* Aim of the exercise *
Within the records below, find the line containing "201, transparency 0, Cost = 0". Reproduce it and each line after it exactly, and nothing else.

------ Input records

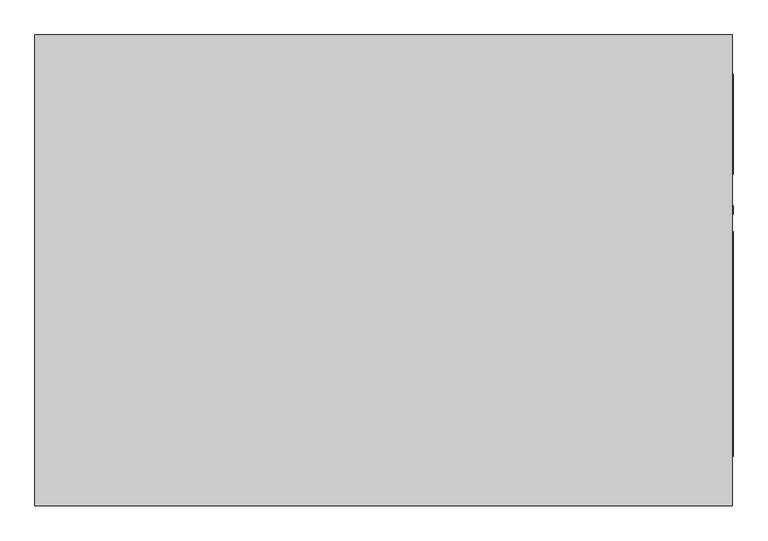
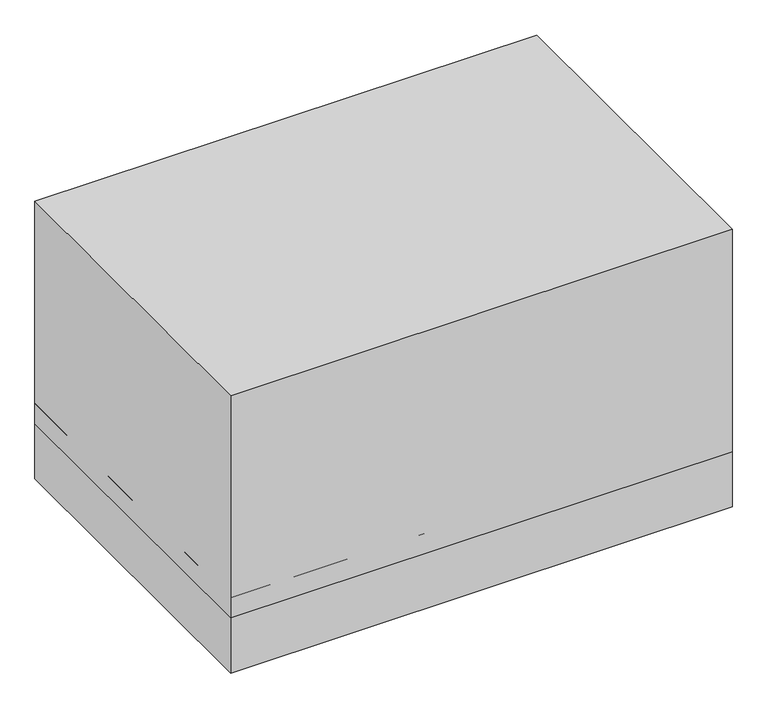
"""IFC4 building model written with IfcOpenShell, lengths in millimetres: proxy geometry, Carrier_48TC_Standard_Efficiency_Gas_Heat_Electric_Cooling_Packaged_Rooftop_Unit_3_to_15_nominal_tons : 7.5 ton 48TC**08."""

from ifc_helpers import new_model, si_unit, point, frame, frame_2d, origin, origin_with_axes, place, context, project, spatial, polyline, circle_curve, trimmed, segment, composite_curve, outline, extrude, source, transform, mapped, element, save
from ifc_brep_helpers import plane_surface, revolved_surface, advanced_brep


def mechanical_equipment_22992897(model_context):
    return source(origin(), model_context, "Body", "SolidModel", [
        extrude(outline(composite_curve([segment(trimmed(circle_curve(frame_2d((193.675, 438.15)), 13.2953125), [point((180.3796875, 438.15))], [point((206.9703125, 438.15))], False, "CARTESIAN"), True, "CONTINUOUS"), segment(trimmed(circle_curve(frame_2d((193.675, 438.15)), 13.2953125), [point((206.9703125, 438.15))], [point((180.3796875, 438.15))], False, "CARTESIAN"), True, "CONTINUOUS")], self_intersect=False)), frame((1119.1875, 0.0, 0.0), z_axis=(1.0, 0.0, 0.0), x_axis=(0.0, 1.0, 0.0)), (0.0, 0.0, 1.0), 3.175),
        advanced_brep(
        [(1119.1875, 755.65, 1308.1), (-1119.1875, 755.65, 1308.1), (-1119.1875, -755.65, 1308.1), (1119.1875, -755.65, 1308.1), (1119.1875, 755.65, 260.35), (1119.1875, -755.65, 260.35), (-1119.1875, -755.65, 260.35), (-1119.1875, 755.65, 260.35), (1036.6375, -596.9, 260.35), (1036.6375, 0.0, 260.35), (681.0375, 0.0, 260.35), (681.0375, -596.9, 260.35), (1036.6375, 590.55, 260.35), (112.7125, 590.55, 260.35), (112.7125, 269.875, 260.35), (1036.6375, 269.875, 260.35), (176.8078125, -107.95, 260.35), (150.2171875, -107.95, 260.35), (-355.6, -476.25, 260.35), (-377.825, -476.25, 260.35), (-344.4875, -349.25, 260.35), (-388.9375, -349.25, 260.35), (-344.4875, -298.45, 260.35), (-388.9375, -298.45, 260.35), (1036.6375, -596.9, 381.0), (681.0375, -596.9, 381.0), (681.0375, 0.0, 381.0), (1036.6375, 0.0, 381.0), (1036.6375, 590.55, 381.0), (1036.6375, 269.875, 381.0), (112.7125, 269.875, 381.0), (112.7125, 590.55, 381.0), (176.8078125, -107.95, 406.4), (150.2171875, -107.95, 406.4), (-355.6, -476.25, 406.4), (-377.825, -476.25, 406.4), (-344.4875, -349.25, 406.4), (-388.9375, -349.25, 406.4), (-344.4875, -298.45, 406.4), (-388.9375, -298.45, 406.4)],
        [
            (0, 1),
            (1, 2),
            (2, 3),
            (3, 0),
            (4, 5),
            (5, 6),
            (6, 7),
            (7, 4),
            (8, 9),
            (9, 10),
            (10, 11),
            (11, 8),
            (12, 13),
            (13, 14),
            (14, 15),
            (15, 12),
            (16, 17, circle_curve(frame((163.5125, -107.95, 260.35), z_axis=(0.0, 0.0, 1.0), x_axis=(-1.0, 0.0, 0.0)), 13.2953125)),
            (17, 16, circle_curve(frame((163.5125, -107.95, 260.35), z_axis=(0.0, 0.0, 1.0), x_axis=(-1.0, 0.0, 0.0)), 13.2953125)),
            (18, 19, circle_curve(frame((-366.7125, -476.25, 260.35), z_axis=(0.0, 0.0, 1.0), x_axis=(-1.0, 0.0, 0.0)), 11.1125)),
            (19, 18, circle_curve(frame((-366.7125, -476.25, 260.35), z_axis=(0.0, 0.0, 1.0), x_axis=(-1.0, 0.0, 0.0)), 11.1125)),
            (20, 21, circle_curve(frame((-366.7125, -349.25, 260.35), z_axis=(0.0, 0.0, 1.0), x_axis=(-1.0, 0.0, 0.0)), 22.225)),
            (21, 20, circle_curve(frame((-366.7125, -349.25, 260.35), z_axis=(0.0, 0.0, 1.0), x_axis=(-1.0, 0.0, 0.0)), 22.225)),
            (22, 23, circle_curve(frame((-366.7125, -298.45, 260.35), z_axis=(0.0, 0.0, 1.0), x_axis=(-1.0, 0.0, 0.0)), 22.225)),
            (23, 22, circle_curve(frame((-366.7125, -298.45, 260.35), z_axis=(0.0, 0.0, 1.0), x_axis=(-1.0, 0.0, 0.0)), 22.225)),
            (0, 4),
            (7, 1),
            (6, 2),
            (5, 3),
            (24, 25),
            (25, 26),
            (26, 27),
            (27, 24),
            (27, 9),
            (8, 24),
            (26, 10),
            (25, 11),
            (28, 29),
            (29, 30),
            (30, 31),
            (31, 28),
            (31, 13),
            (12, 28),
            (30, 14),
            (29, 15),
            (32, 33, circle_curve(frame((163.5125, -107.95, 406.4), z_axis=(0.0, 0.0, -1.0), x_axis=(-1.0, 0.0, 0.0)), 13.2953125)),
            (33, 32, circle_curve(frame((163.5125, -107.95, 406.4), z_axis=(0.0, 0.0, -1.0), x_axis=(-1.0, 0.0, 0.0)), 13.2953125)),
            (33, 17),
            (16, 32),
            (34, 35, circle_curve(frame((-366.7125, -476.25, 406.4), z_axis=(0.0, 0.0, -1.0), x_axis=(-1.0, 0.0, 0.0)), 11.1125)),
            (35, 34, circle_curve(frame((-366.7125, -476.25, 406.4), z_axis=(0.0, 0.0, -1.0), x_axis=(-1.0, 0.0, 0.0)), 11.1125)),
            (35, 19),
            (18, 34),
            (36, 37, circle_curve(frame((-366.7125, -349.25, 406.4), z_axis=(0.0, 0.0, -1.0), x_axis=(-1.0, 0.0, 0.0)), 22.225)),
            (37, 36, circle_curve(frame((-366.7125, -349.25, 406.4), z_axis=(0.0, 0.0, -1.0), x_axis=(-1.0, 0.0, 0.0)), 22.225)),
            (37, 21),
            (20, 36),
            (38, 39, circle_curve(frame((-366.7125, -298.45, 406.4), z_axis=(0.0, 0.0, -1.0), x_axis=(-1.0, 0.0, 0.0)), 22.225)),
            (39, 38, circle_curve(frame((-366.7125, -298.45, 406.4), z_axis=(0.0, 0.0, -1.0), x_axis=(-1.0, 0.0, 0.0)), 22.225)),
            (39, 23),
            (22, 38),
        ],
        [
            plane_surface(frame((-1119.1875, 755.65, 1308.1), z_axis=(0.0, 0.0, 1.0), x_axis=(-1.0, 0.0, 0.0))),
            plane_surface(frame((-1119.1875, 755.65, 260.35), z_axis=(0.0, 0.0, -1.0), x_axis=(1.0, 0.0, 0.0))),
            plane_surface(frame((1119.1875, 755.65, 1308.1), z_axis=(0.0, 1.0, 0.0), x_axis=(0.0, 0.0, -1.0))),
            plane_surface(frame((-1119.1875, 755.65, 1308.1), z_axis=(-1.0, 0.0, 0.0), x_axis=(0.0, 0.0, -1.0))),
            plane_surface(frame((-1119.1875, -755.65, 1308.1), z_axis=(0.0, -1.0, 0.0), x_axis=(0.0, 0.0, -1.0))),
            plane_surface(frame((1119.1875, -755.65, 1308.1), z_axis=(1.0, 0.0, 0.0), x_axis=(0.0, 0.0, -1.0))),
            plane_surface(frame((1036.6375, -596.9, 381.0), z_axis=(0.0, 0.0, -1.0), x_axis=(0.0, 1.0, 0.0))),
            plane_surface(frame((1036.6375, -596.9, 381.0), z_axis=(-1.0, 0.0, 0.0), x_axis=(0.0, 0.0, -1.0))),
            plane_surface(frame((1036.6375, 0.0, 381.0), z_axis=(0.0, -1.0, 0.0), x_axis=(0.0, 0.0, -1.0))),
            plane_surface(frame((681.0375, 0.0, 381.0), z_axis=(1.0, 0.0, 0.0), x_axis=(0.0, 0.0, -1.0))),
            plane_surface(frame((681.0375, -596.9, 381.0), z_axis=(0.0, 1.0, 0.0), x_axis=(0.0, 0.0, -1.0))),
            plane_surface(frame((112.7125, 590.55, 381.0), z_axis=(0.0, 0.0, -1.0), x_axis=(-1.0, 0.0, 0.0))),
            plane_surface(frame((1036.6375, 590.55, 381.0), z_axis=(0.0, -1.0, 0.0), x_axis=(0.0, 0.0, -1.0))),
            plane_surface(frame((112.7125, 590.55, 381.0), z_axis=(1.0, 0.0, 0.0), x_axis=(0.0, 0.0, -1.0))),
            plane_surface(frame((112.7125, 269.875, 381.0), z_axis=(0.0, 1.0, 0.0), x_axis=(0.0, 0.0, -1.0))),
            plane_surface(frame((1036.6375, 269.875, 381.0), z_axis=(-1.0, 0.0, 0.0), x_axis=(0.0, 0.0, -1.0))),
            plane_surface(frame((150.2171875, -107.95, 406.4), z_axis=(0.0, 0.0, -1.0), x_axis=(0.0, -1.0, 0.0))),
            revolved_surface(polyline([(150.2171875, -107.95, 406.4), (150.2171875, -107.95, 260.35)]), (163.5125, -107.95, 0.0), (0.0, 0.0, 1.0)),
            plane_surface(frame((-377.825, -476.25, 406.4), z_axis=(0.0, 0.0, -1.0), x_axis=(0.0, -1.0, 0.0))),
            revolved_surface(polyline([(-377.825, -476.25, 406.4), (-377.825, -476.25, 260.35)]), (-366.7125, -476.25, 0.0), (0.0, 0.0, 1.0)),
            plane_surface(frame((-388.9375, -349.25, 406.4), z_axis=(0.0, 0.0, -1.0), x_axis=(0.0, -1.0, 0.0))),
            revolved_surface(polyline([(-388.9375, -349.25, 406.4), (-388.9375, -349.25, 260.35)]), (-366.7125, -349.25, 0.0), (0.0, 0.0, 1.0)),
            plane_surface(frame((-388.9375, -298.45, 406.4), z_axis=(0.0, 0.0, -1.0), x_axis=(0.0, -1.0, 0.0))),
            revolved_surface(polyline([(-388.9375, -298.45, 406.4), (-388.9375, -298.45, 260.35)]), (-366.7125, -298.45, 0.0), (0.0, 0.0, 1.0)),
        ],
        [
            (0, [[1, 2, 3, 4]]),
            (1, [[5, 6, 7, 8], [9, 10, 11, 12], [13, 14, 15, 16], [17, 18], [19, 20], [21, 22], [23, 24]]),
            (2, [[-1, 25, -8, 26]]),
            (3, [[-2, -26, -7, 27]]),
            (4, [[-3, -27, -6, 28]]),
            (5, [[-4, -28, -5, -25]]),
            (6, [[29, 30, 31, 32]]),
            (7, [[-32, 33, -9, 34]]),
            (8, [[-31, 35, -10, -33]]),
            (9, [[-30, 36, -11, -35]]),
            (10, [[-29, -34, -12, -36]]),
            (11, [[37, 38, 39, 40]]),
            (12, [[-40, 41, -13, 42]]),
            (13, [[-39, 43, -14, -41]]),
            (14, [[-38, 44, -15, -43]]),
            (15, [[-37, -42, -16, -44]]),
            (16, [[45, 46]]),
            (17, [[-46, 47, -17, 48]]),
            (17, [[-45, -48, -18, -47]]),
            (18, [[49, 50]]),
            (19, [[-50, 51, -19, 52]]),
            (19, [[-49, -52, -20, -51]]),
            (20, [[53, 54]]),
            (21, [[-54, 55, -21, 56]]),
            (21, [[-53, -56, -22, -55]]),
            (22, [[57, 58]]),
            (23, [[-58, 59, -23, 60]]),
            (23, [[-57, -60, -24, -59]]),
        ],
    ),
        extrude(outline(polyline([(1119.1875, 755.65), (1119.1875, -755.65), (-1119.1875, -755.65), (-1119.1875, 755.65), (1119.1875, 755.65)]), holes=[polyline([(1036.6375, 590.55), (112.7125, 590.55), (112.7125, 269.875), (1036.6375, 269.875), (1036.6375, 590.55)]), polyline([(1036.6375, -596.9), (1036.6375, 0.0), (681.0375, 0.0), (681.0375, -596.9), (1036.6375, -596.9)]), composite_curve([segment(trimmed(circle_curve(frame_2d((163.5125, -107.95)), 13.2953125), [point((176.8078125, -107.95))], [point((150.2171875, -107.95))], True, "CARTESIAN"), True, "CONTINUOUS"), segment(trimmed(circle_curve(frame_2d((163.5125, -107.95)), 13.2953125), [point((150.2171875, -107.95))], [point((176.8078125, -107.95))], True, "CARTESIAN"), True, "CONTINUOUS")], self_intersect=False), composite_curve([segment(trimmed(circle_curve(frame_2d((-366.7125, -476.25)), 11.1125), [point((-355.6, -476.25))], [point((-377.825, -476.25))], True, "CARTESIAN"), True, "CONTINUOUS"), segment(trimmed(circle_curve(frame_2d((-366.7125, -476.25)), 11.1125), [point((-377.825, -476.25))], [point((-355.6, -476.25))], True, "CARTESIAN"), True, "CONTINUOUS")], self_intersect=False), composite_curve([segment(trimmed(circle_curve(frame_2d((-366.7125, -349.25)), 22.225), [point((-344.4875, -349.25))], [point((-388.9375, -349.25))], True, "CARTESIAN"), True, "CONTINUOUS"), segment(trimmed(circle_curve(frame_2d((-366.7125, -349.25)), 22.225), [point((-388.9375, -349.25))], [point((-344.4875, -349.25))], True, "CARTESIAN"), True, "CONTINUOUS")], self_intersect=False), composite_curve([segment(trimmed(circle_curve(frame_2d((-366.7125, -298.45)), 22.225), [point((-344.4875, -298.45))], [point((-388.9375, -298.45))], True, "CARTESIAN"), True, "CONTINUOUS"), segment(trimmed(circle_curve(frame_2d((-366.7125, -298.45)), 22.225), [point((-388.9375, -298.45))], [point((-344.4875, -298.45))], True, "CARTESIAN"), True, "CONTINUOUS")], self_intersect=False)]), origin_with_axes(), (0.0, 0.0, 1.0), 355.6),
        extrude(outline(polyline([(1122.3625, 628.65), (1122.3625, 307.975), (1119.1875, 307.975), (1119.1875, 628.65), (1122.3625, 628.65)])), frame((0.0, 0.0, 406.4), z_axis=(0.0, 0.0, 1.0), x_axis=(1.0, 0.0, 0.0)), (0.0, 0.0, 1.0), 857.25),
        extrude(outline(polyline([(1122.3625, 123.825), (1122.3625, -596.9), (1119.1875, -596.9), (1119.1875, 123.825), (1122.3625, 123.825)])), frame((0.0, 0.0, 406.4), z_axis=(0.0, 0.0, 1.0), x_axis=(1.0, 0.0, 0.0)), (0.0, 0.0, 1.0), 352.425),
    ])


if __name__ == "__main__":
    model = new_model("IFC4")
    model_context = context("Model", 3, world=origin())
    ifc_project = project(units=[si_unit("LENGTHUNIT", "METRE", prefix="MILLI")], contexts=[model_context])
    site = spatial("IfcSite", under=ifc_project)
    building = spatial("IfcBuilding", under=site)
    placement = place(None, origin())
    mechanical_equipment_shape = mechanical_equipment_22992897(model_context)
    element("IfcBuildingElementProxy", 1, Name="Carrier_48TC_Standard_Efficiency_Gas_Heat_Electric_Cooling_Packaged_Rooftop_Unit_3_to_15_nominal_tons : 7.5 ton 48TC**08", ObjectType="Carrier_48TC_Standard_Efficiency_Gas_Heat_Electric_Cooling_Packaged_Rooftop_Unit_3_to_15_nominal_tons : 7.5 ton 48TC**08", at=placement, inside=building, context=model_context, shape_type="MappedRepresentation", body=[
        mapped(mechanical_equipment_shape, transform((0.0, 0.0, 0.0), x_axis=(1.0, 0.0, 0.0), y_axis=(0.0, 1.0, 0.0), z_axis=(0.0, 0.0, 1.0))),
    ])
    save(model, "model.ifc")

# Revit data of these elements
# Type "Carrier_48TC_Standard_Efficiency_Gas_Heat_Electric_Cooling_Packaged_Rooftop_Unit_3_to_15_nominal_tons : 7.5 ton 48TC**08"
#   URL = "www.Carrier.com"
#   Model = "48TC"
#   Manufacturer = "Carrier"
#   Disclaimer = "Manufacturer reserves the right to change, at any time, specifications and designs without notice and without obligation.  Please verify critical parameters with local Carrier commercial sales office."
#   knockout thickness = 0' - 0 1/16"
#   Voltage = 0 V
#   Version = 1
#   TTBY3 = 0' - 11"
#   TTBY2 = 1' - 4"
#   TTBY1 = 1' - 6"
#   TTBX = 2' - 5 5/8"
#   TTBPowerR = 0' - 0 7/8"
#   TTBGasR = 0' - 0 7/8"
#   SSSZ = 0' - 5 3/4"
#   SSSY = 0' - 6 1/4"
#   SSSW = 2' - 4 3/8"
#   SSSH = 1' - 1 7/8"
#   SSRZ = 0' - 5 3/4"
#   SSRY = 0' - 5"
#   SSRW = 1' - 0 5/8"
#   SSRH = 2' - 9 3/4"
#   SEER = 0
#   Right clearance = 3' - 0"
#   PWRZ = 2' - 3 7/8"
#   PWRY = 0' - 4 5/8"
#   PWRR = 0' - 1 1/4"
#   ODF2X = 1' - 0"
#   ODF1Y = 0' - 11"
#   ODF1X = 2' - 1"
#   ODF1R = 0' - 10"
#   MOCP = 0 A
#   MCA = 0 A
#   Left clearance = 4' - 0"
#   IEER = 11.7
#   Front clearance = 4' - 0"
#   Fan Z = 4' - 3 1/2"
#   Width = 4' - 11 1/2"
#   Length = 7' - 4 1/8"
#   Height = 3' - 5 1/4"
#   EER = 11
#   DSSY = 0' - 6 1/4"
#   DSSX = 0' - 3 1/4"
#   DSSW = 1' - 2"
#   DSSH = 2' - 4 3/4"
#   DSRY = 0' - 6 1/2"
#   DSRX = 0' - 3 1/4"
#   DSRW = 3' - 0 3/8"
#   DSRH = 1' - 0 5/8"
#   DRNZ = 0' - 7"
#   DRNY = 3' - 1 3/8"
#   DRNR = 0' - 0 67/128"
#   Curb Z = 1' - 2"
#   CFM (nominal) = 0 CFM
#   Back clearance = 3' - 0"
#   Alt Condensate Drain = 0' - 0 67/128"
#   AccypwrR = 0' - 0 7/16"
#   ACY = 2' - 1 1/2"
#   ACX = 3' - 1 5/8"
#   Gas [instance default] = yes
#   Fan 2 on = yes
#   Curb_1SLAB_2ROOFCURB_3SNOWCURB = 2
#   Fan 3 on = no
#   Unit material = SINGLE-PACKAGED ROOFTOP UNITS
#   Curb material = Curb paint
# Element 1 (IfcBuildingElementProxy, "Carrier_48TC_Standard_Efficiency_Gas_Heat_Electric_Cooling_Packaged_Rooftop_Unit_3_to_15_nominal_tons : 7.5 ton 48TC**08")
#   Materials on its faces: "SINGLE-PACKAGED ROOFTOP UNITS", "Curb paint", "Mech"
# Materials
#   "SINGLE-PACKAGED ROOFTOP UNITS": class "Miscellaneous", colour RGB 201 201 201, transparency 0, Cost = 0
#   "Curb paint": class "Miscellaneous", colour RGB 189 187 185, transparency 0
#   "Mech": class "Miscellaneous", colour RGB 235 237 235, transparency 0, Cost = 0

------------

* The completed task *
#   "SINGLE-PACKAGED ROOFTOP UNITS": class "Miscellaneous", colour RGB 201 201 201, transparency 0, Cost = 0
#   "Curb paint": class "Miscellaneous", colour RGB 189 187 185, transparency 0
#   "Mech": class "Miscellaneous", colour RGB 235 237 235, transparency 0, Cost = 0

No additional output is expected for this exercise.